Leaving pictures aside, restate exactly the lines of the data below, from the first one through the line that contains "doc.units = 0".

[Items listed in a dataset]
· · ·

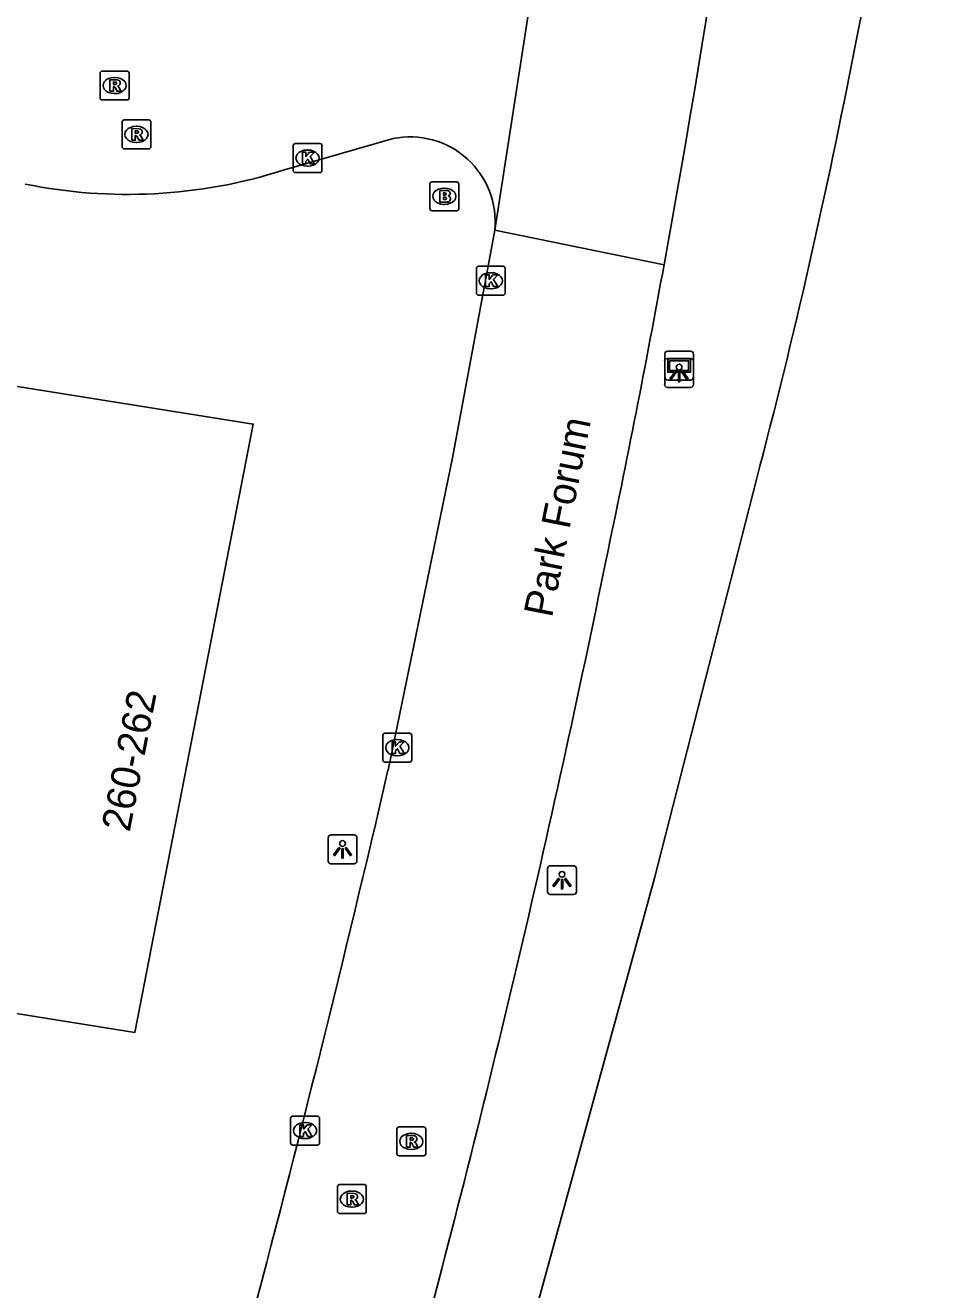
# Model space of a CAD drawing. Extents: x 154324 to 155743, y 382939 to 384183.
# Drawn here: x 155360.3 to 155392.1, y 383255.99 to 383299.76 of the extents above; entities that cross this region are included whole.
import ezdxf

# ---------------------------------------------------------------- set-up
doc = ezdxf.new("R2010")
doc.units = 0
for name, color, linetype in [('IMGEO_Brandkraan', 7, 'Continuous'), ('IMGEO_Fietspad_gesloten', 7, 'Continuous'), ('IMGEO_Kolk', 7, 'Continuous'), ('IMGEO_Lichtpunt', 7, 'Continuous'), ('IMGEO_Openbare_ruimte_label', 7, 'Continuous'), ('IMGEO_Pand', 7, 'Continuous'), ('IMGEO_Pand_nummerreeks', 7, 'Continuous'), ('IMGEO_Rijbaan_lokaal_gesloten', 7, 'Continuous'), ('IMGEO_Rijbaan_lokaal_open', 7, 'Continuous'), ('IMGEO_Rioolput', 7, 'Continuous'), ('IMGEO_Verklikker', 7, 'Continuous')]:
    doc.layers.add(name, color=color, linetype=linetype)

msp = doc.modelspace()

# ---------------------------------------------------------------- linework, layer by layer
at = {"layer": 'IMGEO_Brandkraan'}
for p, q in [((155374.307, 383293.413), (155374.307, 383294.265)), ((155374.382, 383294.339), (155375.234, 383294.339)), ((155374.795, 383294.119), (155374.82, 383294.119)), ((155375.308, 383294.265), (155375.308, 383293.413)), ((155375.234, 383293.339), (155374.382, 383293.339)), ((155374.818, 383293.559), (155374.793, 383293.559))]:
    msp.add_line(p, q, dxfattribs=at)
for points in [[(155374.307, 383293.413), (155374.307, 383294.265)], [(155374.382, 383294.339), (155375.234, 383294.339)], [(155375.308, 383294.265), (155375.308, 383293.413)], [(155374.655, 383294.039), (155374.655, 383293.639), (155374.868, 383293.639)], [(155374.886, 383294.039), (155374.655, 383294.039)], [(155374.834, 383293.958), (155374.78, 383293.958), (155374.78, 383293.882)], [(155374.78, 383293.882), (155374.833, 383293.882)], [(155374.842, 383293.806), (155374.78, 383293.806), (155374.78, 383293.725)], [(155374.78, 383293.725), (155374.842, 383293.725)], [(155375.234, 383293.339), (155374.382, 383293.339)]]:
    msp.add_lwpolyline(points, dxfattribs=at)
for centre, radius, start, end in [((155374.384, 383294.263), 0.0765, 91.552, 178.448), ((155374.384, 383294.263), 0.0765, 91.552, 178.448), ((155375.232, 383294.263), 0.0765, 1.552, 88.448), ((155375.232, 383294.263), 0.0765, 1.552, 88.448), ((155374.835, 383293.92), 0.0379, 267.8285, 90.9355), ((155374.843, 383293.765), 0.0404, 269.8759, 90.5077), ((155374.89, 383293.894), 0.145, 59.4692, 91.5367), ((155374.915, 383293.941), 0.0922, 285.5137, 58.1501), ((155374.92, 383293.749), 0.105, 301.3115, 78.989), ((155374.384, 383293.415), 0.0765, 181.552, 268.448), ((155374.384, 383293.415), 0.0765, 181.552, 268.448), ((155374.874, 383293.89), 0.251, 268.6676, 293.5347), ((155375.232, 383293.415), 0.0765, 271.552, 358.448), ((155375.232, 383293.415), 0.0765, 271.552, 358.448)]:
    msp.add_arc(centre, radius, start, end, dxfattribs=at)
for centre, major_axis, ratio, start_param, end_param in [((155374.794, 383293.839), (-0.387, 0.002), 0.722429, 4.712389, 7.853982), ((155374.819, 383293.839), (-0.39, 0.002), 0.717154, 1.570796, 4.712389)]:
    msp.add_ellipse(centre, major_axis=major_axis, ratio=ratio, start_param=start_param, end_param=end_param, dxfattribs=at)
at = {"layer": 'IMGEO_Fietspad_gesloten'}
for points in [[(155392.104, 383314.484), (155389.025, 383298.986)], [(155385.619, 383284.035), (155382.092, 383270.232), (155378.211, 383256.107)]]:
    msp.add_lwpolyline(points, dxfattribs=at)
for centre, radius, start, end in [((155162.148, 383342.808), 231.07, 345.26497, 349.06787), ((154859.102, 383401.381), 539.053, 342.73246, 344.36555)]:
    msp.add_arc(centre, radius, start, end, dxfattribs=at)
at = {"layer": 'IMGEO_Kolk'}
for p, q in [((155369.571, 383294.736), (155369.571, 383295.588)), ((155369.646, 383295.662), (155370.498, 383295.662)), ((155370.059, 383295.442), (155370.084, 383295.442)), ((155370.572, 383295.588), (155370.572, 383294.736)), ((155370.498, 383294.662), (155369.646, 383294.662)), ((155370.082, 383294.882), (155370.057, 383294.882)), ((155375.919, 383290.489), (155375.919, 383291.341)), ((155375.994, 383291.415), (155376.846, 383291.415)), ((155376.407, 383291.195), (155376.432, 383291.195)), ((155376.92, 383291.341), (155376.92, 383290.489)), ((155376.43, 383290.635), (155376.405, 383290.635)), ((155376.846, 383290.415), (155375.994, 383290.415)), ((155372.679, 383274.325), (155372.679, 383275.177)), ((155372.754, 383275.251), (155373.606, 383275.251)), ((155373.167, 383275.031), (155373.192, 383275.031)), ((155373.68, 383275.177), (155373.68, 383274.325)), ((155373.19, 383274.471), (155373.165, 383274.471)), ((155373.606, 383274.251), (155372.754, 383274.251)), ((155369.486, 383261.069), (155369.486, 383261.921)), ((155369.561, 383261.995), (155370.413, 383261.995)), ((155369.974, 383261.775), (155369.999, 383261.775)), ((155370.487, 383261.921), (155370.487, 383261.069)), ((155370.413, 383260.995), (155369.561, 383260.995)), ((155369.997, 383261.215), (155369.972, 383261.215))]:
    msp.add_line(p, q, dxfattribs=at)
for points in [[(155369.571, 383294.736), (155369.571, 383295.588)], [(155369.646, 383295.662), (155370.498, 383295.662)], [(155370.572, 383295.588), (155370.572, 383294.736)], [(155369.892, 383295.362), (155370.015, 383295.362), (155370.015, 383295.211), (155370.145, 383295.362), (155370.309, 383295.362), (155370.163, 383295.211), (155370.316, 383294.962), (155370.164, 383294.962), (155370.079, 383295.126), (155370.015, 383295.059), (155370.015, 383294.962), (155369.892, 383294.962), (155369.892, 383295.362)], [(155370.498, 383294.662), (155369.646, 383294.662)], [(155375.919, 383290.489), (155375.919, 383291.341)], [(155375.994, 383291.415), (155376.846, 383291.415)], [(155376.24, 383291.115), (155376.363, 383291.115), (155376.363, 383290.964), (155376.493, 383291.115), (155376.657, 383291.115), (155376.511, 383290.964), (155376.664, 383290.715), (155376.512, 383290.715), (155376.427, 383290.879), (155376.363, 383290.812), (155376.363, 383290.715), (155376.24, 383290.715), (155376.24, 383291.115)], [(155376.92, 383291.341), (155376.92, 383290.489)], [(155376.846, 383290.415), (155375.994, 383290.415)], [(155372.679, 383274.325), (155372.679, 383275.177)], [(155372.754, 383275.251), (155373.606, 383275.251)], [(155373, 383274.951), (155373.123, 383274.951), (155373.123, 383274.8), (155373.253, 383274.951), (155373.417, 383274.951), (155373.271, 383274.8), (155373.424, 383274.551), (155373.272, 383274.551), (155373.187, 383274.715), (155373.123, 383274.648), (155373.123, 383274.551), (155373, 383274.551), (155373, 383274.951)], [(155373.68, 383275.177), (155373.68, 383274.325)], [(155373.606, 383274.251), (155372.754, 383274.251)], [(155369.486, 383261.069), (155369.486, 383261.921)], [(155369.561, 383261.995), (155370.413, 383261.995)], [(155370.487, 383261.921), (155370.487, 383261.069)], [(155369.807, 383261.695), (155369.93, 383261.695), (155369.93, 383261.544), (155370.06, 383261.695), (155370.224, 383261.695), (155370.078, 383261.544), (155370.231, 383261.295), (155370.079, 383261.295), (155369.994, 383261.459), (155369.93, 383261.392), (155369.93, 383261.295), (155369.807, 383261.295), (155369.807, 383261.695)], [(155370.413, 383260.995), (155369.561, 383260.995)]]:
    msp.add_lwpolyline(points, dxfattribs=at)
for centre, start, end in [((155369.648, 383295.586), 91.552, 178.448), ((155369.648, 383295.586), 91.552, 178.448), ((155370.496, 383295.586), 1.552, 88.448), ((155370.496, 383295.586), 1.552, 88.448), ((155369.648, 383294.738), 181.552, 268.448), ((155369.648, 383294.738), 181.552, 268.448), ((155370.496, 383294.738), 271.552, 358.448), ((155370.496, 383294.738), 271.552, 358.448), ((155375.996, 383291.339), 91.552, 178.448), ((155375.996, 383291.339), 91.552, 178.448), ((155376.844, 383291.339), 1.552, 88.448), ((155376.844, 383291.339), 1.552, 88.448), ((155375.996, 383290.491), 181.552, 268.448), ((155375.996, 383290.491), 181.552, 268.448), ((155376.844, 383290.491), 271.552, 358.448), ((155376.844, 383290.491), 271.552, 358.448), ((155372.756, 383275.175), 91.552, 178.448), ((155372.756, 383275.175), 91.552, 178.448), ((155373.604, 383275.175), 1.552, 88.448), ((155373.604, 383275.175), 1.552, 88.448), ((155372.756, 383274.327), 181.552, 268.448), ((155372.756, 383274.327), 181.552, 268.448), ((155373.604, 383274.327), 271.552, 358.448), ((155373.604, 383274.327), 271.552, 358.448), ((155369.563, 383261.919), 91.552, 178.448), ((155369.563, 383261.919), 91.552, 178.448), ((155370.411, 383261.919), 1.552, 88.448), ((155370.411, 383261.919), 1.552, 88.448), ((155369.563, 383261.071), 181.552, 268.448), ((155369.563, 383261.071), 181.552, 268.448), ((155370.411, 383261.071), 271.552, 358.448), ((155370.411, 383261.071), 271.552, 358.448)]:
    msp.add_arc(centre, 0.0765, start, end, dxfattribs=at)
for centre, major_axis, ratio, start_param, end_param in [((155370.058, 383295.162), (-0.387, 0.002), 0.722429, 4.712389, 7.853982), ((155370.083, 383295.162), (-0.39, 0.002), 0.717154, 1.570796, 4.712389), ((155376.406, 383290.915), (-0.387, 0.002), 0.722429, 4.712389, 7.853982), ((155376.431, 383290.915), (-0.39, 0.002), 0.717154, 1.570796, 4.712389), ((155373.166, 383274.751), (-0.387, 0.002), 0.722429, 4.712389, 7.853982), ((155373.191, 383274.751), (-0.39, 0.002), 0.717154, 1.570796, 4.712389), ((155369.973, 383261.495), (-0.387, 0.002), 0.722429, 4.712389, 7.853982), ((155369.998, 383261.495), (-0.39, 0.002), 0.717154, 1.570796, 4.712389)]:
    msp.add_ellipse(centre, major_axis=major_axis, ratio=ratio, start_param=start_param, end_param=end_param, dxfattribs=at)
at = {"layer": 'IMGEO_Lichtpunt'}
for p, q in [((155382.44, 383288.126), (155382.44, 383287.319)), ((155382.44, 383288.126), (155382.44, 383287.319)), ((155383.342, 383288.221), (155382.534, 383288.221)), ((155383.342, 383288.221), (155382.534, 383288.221)), ((155383.436, 383287.319), (155383.436, 383288.126)), ((155383.436, 383287.319), (155383.436, 383288.126)), ((155382.534, 383287.225), (155383.342, 383287.225)), ((155382.534, 383287.225), (155383.342, 383287.225)), ((155370.785, 383271.634), (155370.785, 383270.827)), ((155370.785, 383271.634), (155370.785, 383270.827)), ((155371.687, 383271.729), (155370.879, 383271.729)), ((155371.687, 383271.729), (155370.879, 383271.729)), ((155371.781, 383270.827), (155371.781, 383271.634)), ((155371.781, 383270.827), (155371.781, 383271.634)), ((155370.879, 383270.733), (155371.687, 383270.733)), ((155370.879, 383270.733), (155371.687, 383270.733)), ((155378.385, 383270.568), (155378.385, 383269.761)), ((155378.385, 383270.568), (155378.385, 383269.761)), ((155379.287, 383270.663), (155378.479, 383270.663)), ((155379.287, 383270.663), (155378.479, 383270.663)), ((155379.381, 383269.761), (155379.381, 383270.568)), ((155379.381, 383269.761), (155379.381, 383270.568)), ((155378.479, 383269.667), (155379.287, 383269.667)), ((155378.479, 383269.667), (155379.287, 383269.667))]:
    msp.add_line(p, q, dxfattribs=at)
for points in [[(155382.814, 383287.79), (155382.853, 383287.762), (155382.665, 383287.5), (155382.627, 383287.527), (155382.814, 383287.79)], [(155382.916, 383287.742), (155382.963, 383287.742), (155382.963, 383287.42), (155382.916, 383287.42), (155382.916, 383287.742)], [(155383.026, 383287.762), (155383.064, 383287.789), (155383.251, 383287.527), (155383.212, 383287.499), (155383.026, 383287.762)], [(155371.159, 383271.298), (155371.198, 383271.27), (155371.01, 383271.008), (155370.972, 383271.035), (155371.159, 383271.298)], [(155371.261, 383271.25), (155371.308, 383271.25), (155371.308, 383270.928), (155371.261, 383270.928), (155371.261, 383271.25)], [(155371.371, 383271.27), (155371.409, 383271.297), (155371.596, 383271.035), (155371.557, 383271.007), (155371.371, 383271.27)], [(155378.759, 383270.232), (155378.798, 383270.204), (155378.61, 383269.942), (155378.572, 383269.969), (155378.759, 383270.232)], [(155378.861, 383270.184), (155378.908, 383270.184), (155378.908, 383269.862), (155378.861, 383269.862), (155378.861, 383270.184)], [(155378.971, 383270.204), (155379.009, 383270.231), (155379.196, 383269.969), (155379.157, 383269.941), (155378.971, 383270.204)]]:
    msp.add_lwpolyline(points, dxfattribs=at)
for centre in [(155382.939, 383287.924), (155371.284, 383271.432), (155378.884, 383270.366)]:
    msp.add_circle(centre, 0.0994, dxfattribs=at)
for centre, start, end in [((155382.534, 383288.126), 90, 180), ((155382.534, 383288.126), 90, 180), ((155383.342, 383288.126), 0, 90), ((155383.342, 383288.126), 0, 90), ((155382.534, 383287.319), 180, 270), ((155382.534, 383287.319), 180, 270), ((155383.342, 383287.319), 270, 0), ((155383.342, 383287.319), 270, 360), ((155370.879, 383271.634), 90, 180), ((155370.879, 383271.634), 90, 180), ((155371.687, 383271.634), 0, 90), ((155371.687, 383271.634), 0, 90), ((155370.879, 383270.827), 180, 270), ((155370.879, 383270.827), 180, 270), ((155371.687, 383270.827), 270, 0), ((155371.687, 383270.827), 270, 360), ((155378.479, 383270.568), 90, 180), ((155378.479, 383270.568), 90, 180), ((155379.287, 383270.568), 0, 90), ((155379.287, 383270.568), 0, 90), ((155378.479, 383269.761), 180, 270), ((155378.479, 383269.761), 180, 270), ((155379.287, 383269.761), 270, 0), ((155379.287, 383269.761), 270, 360)]:
    msp.add_arc(centre, 0.0946, start, end, dxfattribs=at)
at = {"layer": 'IMGEO_Pand'}
msp.add_lwpolyline([(155345.718, 383267.835), (155349.104, 383288.993), (155368.192, 383285.952), (155364.094, 383264.892), (155345.718, 383267.835)], dxfattribs=at)
at = {"layer": 'IMGEO_Rijbaan_lokaal_gesloten'}
for points in [[(155376.559, 383292.665), (155375.091, 383284.785), (155372.858, 383273.968)], [(155382.418, 383291.467), (155376.559, 383292.665)]]:
    msp.add_lwpolyline(points, dxfattribs=at)
for centre, radius, start, end in [((155004.637, 383360.399), 384.018, 348.10768, 349.65929), ((154920.161, 383375.05), 469.711, 344.96734, 348.48239), ((154771.317, 383413.289), 617.464, 345.099417, 346.959795)]:
    msp.add_arc(centre, radius, start, end, dxfattribs=at)
at = {"layer": 'IMGEO_Rijbaan_lokaal_open'}
for points in [[(155376.559, 383292.665), (155379.78, 383313.49)], [(155369.195, 383294.73), (155373.032, 383295.835)]]:
    msp.add_lwpolyline(points, dxfattribs=at)
for centre, radius, start, end in [((155001.57, 383361.032), 387.149, 349.64863, 353.73096), ((155373.627, 383292.95), 2.946, 354.4495, 101.6533), ((155363.845, 383311.656), 17.752, 258.4676, 287.5404)]:
    msp.add_arc(centre, radius, start, end, dxfattribs=at)
at = {"layer": 'IMGEO_Rioolput'}
for p, q in [((155362.888, 383297.247), (155362.888, 383298.099)), ((155362.963, 383298.173), (155363.815, 383298.173)), ((155363.889, 383298.099), (155363.889, 383297.247)), ((155363.376, 383297.953), (155363.401, 383297.953)), ((155363.399, 383297.393), (155363.374, 383297.393)), ((155363.815, 383297.173), (155362.963, 383297.173)), ((155363.646, 383295.556), (155363.646, 383296.408)), ((155363.721, 383296.482), (155364.573, 383296.482)), ((155364.647, 383296.408), (155364.647, 383295.556)), ((155364.134, 383296.262), (155364.159, 383296.262)), ((155364.573, 383295.482), (155363.721, 383295.482)), ((155364.157, 383295.702), (155364.132, 383295.702)), ((155373.164, 383260.695), (155373.164, 383261.547)), ((155373.239, 383261.621), (155374.091, 383261.621)), ((155373.652, 383261.401), (155373.677, 383261.401)), ((155374.165, 383261.547), (155374.165, 383260.695)), ((155374.091, 383260.621), (155373.239, 383260.621)), ((155373.675, 383260.841), (155373.65, 383260.841)), ((155371.106, 383258.696), (155371.106, 383259.548)), ((155371.181, 383259.622), (155372.033, 383259.622)), ((155372.107, 383259.548), (155372.107, 383258.696)), ((155371.594, 383259.402), (155371.619, 383259.402)), ((155371.617, 383258.842), (155371.592, 383258.842)), ((155372.033, 383258.622), (155371.181, 383258.622))]:
    msp.add_line(p, q, dxfattribs=at)
for points in [[(155362.888, 383297.247), (155362.888, 383298.099)], [(155362.963, 383298.173), (155363.815, 383298.173)], [(155363.889, 383298.099), (155363.889, 383297.247)], [(155363.477, 383297.871), (155363.225, 383297.873), (155363.225, 383297.473)], [(155363.225, 383297.473), (155363.349, 383297.473), (155363.349, 383297.635), (155363.36, 383297.635)], [(155363.403, 383297.792), (155363.349, 383297.792), (155363.349, 383297.711)], [(155363.349, 383297.711), (155363.401, 383297.711)], [(155363.407, 383297.606), (155363.478, 383297.473), (155363.618, 383297.473), (155363.553, 383297.599)], [(155363.815, 383297.173), (155362.963, 383297.173)], [(155363.646, 383295.556), (155363.646, 383296.408)], [(155363.721, 383296.482), (155364.573, 383296.482)], [(155364.647, 383296.408), (155364.647, 383295.556)], [(155364.235, 383296.18), (155363.983, 383296.182), (155363.983, 383295.782)], [(155363.983, 383295.782), (155364.107, 383295.782), (155364.107, 383295.944), (155364.118, 383295.944)], [(155364.161, 383296.101), (155364.107, 383296.101), (155364.107, 383296.02)], [(155364.107, 383296.02), (155364.159, 383296.02)], [(155364.165, 383295.915), (155364.236, 383295.782), (155364.376, 383295.782), (155364.311, 383295.908)], [(155364.573, 383295.482), (155363.721, 383295.482)], [(155373.164, 383260.695), (155373.164, 383261.547)], [(155373.239, 383261.621), (155374.091, 383261.621)], [(155373.753, 383261.319), (155373.501, 383261.321), (155373.501, 383260.921)], [(155374.165, 383261.547), (155374.165, 383260.695)], [(155373.501, 383260.921), (155373.625, 383260.921), (155373.625, 383261.083), (155373.636, 383261.083)], [(155373.679, 383261.24), (155373.625, 383261.24), (155373.625, 383261.159)], [(155373.625, 383261.159), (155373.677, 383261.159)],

· · ·

## Exercise output
# Model space of a CAD drawing. Extents: x 154324 to 155743, y 382939 to 384183.
# Drawn here: x 155360.3 to 155392.1, y 383255.99 to 383299.76 of the extents above; entities that cross this region are included whole.
import ezdxf

# ---------------------------------------------------------------- set-up
doc = ezdxf.new("R2010")
doc.units = 0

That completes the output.